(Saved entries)
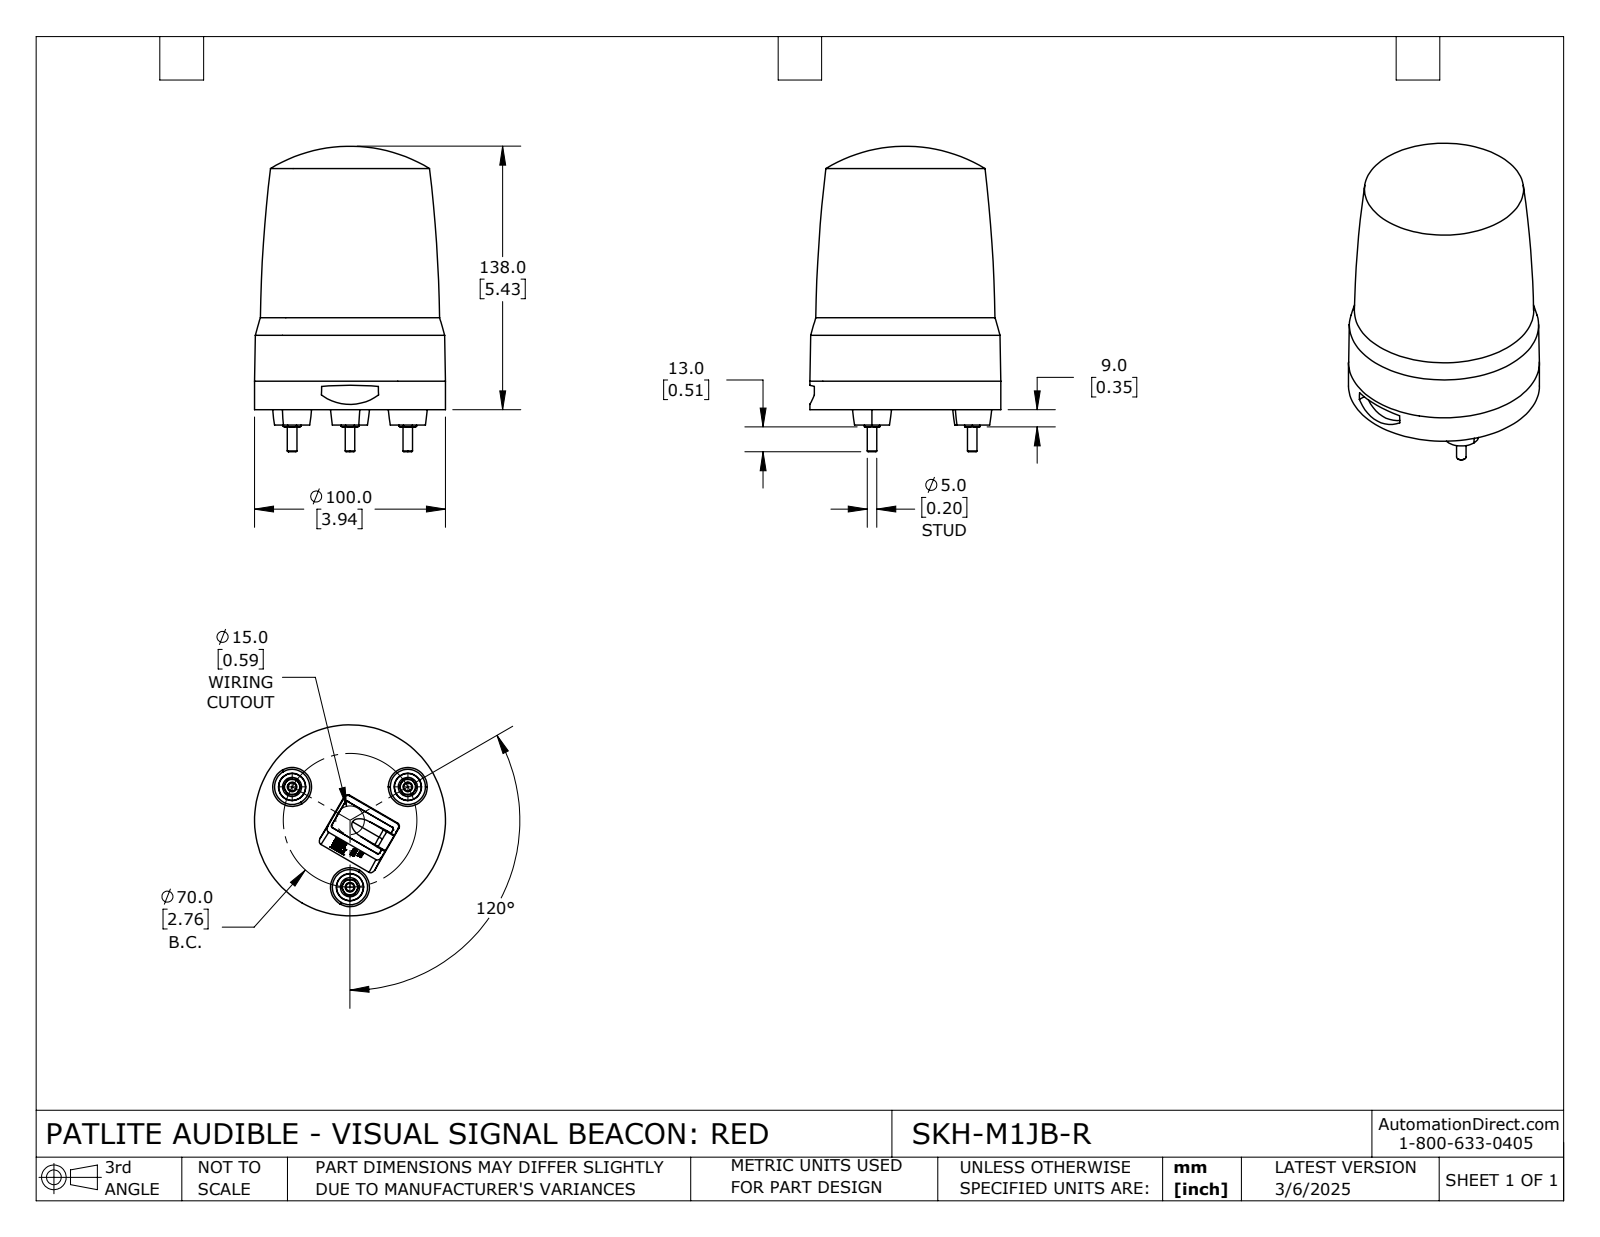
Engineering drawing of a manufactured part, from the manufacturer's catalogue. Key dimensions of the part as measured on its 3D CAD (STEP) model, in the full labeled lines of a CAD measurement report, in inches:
Part name (STEP PRODUCT): SKH-M1JB-R
STEP written by: SolidWorks 2024 (CONFIG_CONTROL_DESIGN)
Units: inches
Bodies: 1 solid, 446 faces (211 planar, 22 cylindrical, 213 other)
Overall size (bounding box): 6.299 × 3.937 × 3.937
Volume: 54.94 in³ · Surface area: 85.92 in²
Round bosses / shafts (diameter × count): ⌀0.394 ×3, ⌀0.197 ×3, ⌀3.937 ×1
Partial cylindrical surfaces — rounded edges, fillets, slot ends (radius × count): R0.079 ×4, R0.199 ×2, R1.772 ×1, R3.154 ×1
Main face-to-face distances: 0.315, 0.585, 0.27, 0.063, 0.648, 0.333, 0.15, 0.165, 0.435, 0.498

[Brief] Apart from its pictures, the data is to be repeated exactly.

[Finished exercise]
Engineering drawing of a manufactured part, from the manufacturer's catalogue. Key dimensions of the part as measured on its 3D CAD (STEP) model, in the full labeled lines of a CAD measurement report, in inches:
Part name (STEP PRODUCT): SKH-M1JB-R
STEP written by: SolidWorks 2024 (CONFIG_CONTROL_DESIGN)
Units: inches
Bodies: 1 solid, 446 faces (211 planar, 22 cylindrical, 213 other)
Overall size (bounding box): 6.299 × 3.937 × 3.937
Volume: 54.94 in³ · Surface area: 85.92 in²
Round bosses / shafts (diameter × count): ⌀0.394 ×3, ⌀0.197 ×3, ⌀3.937 ×1
Partial cylindrical surfaces — rounded edges, fillets, slot ends (radius × count): R0.079 ×4, R0.199 ×2, R1.772 ×1, R3.154 ×1
Main face-to-face distances: 0.315, 0.585, 0.27, 0.063, 0.648, 0.333, 0.15, 0.165, 0.435, 0.498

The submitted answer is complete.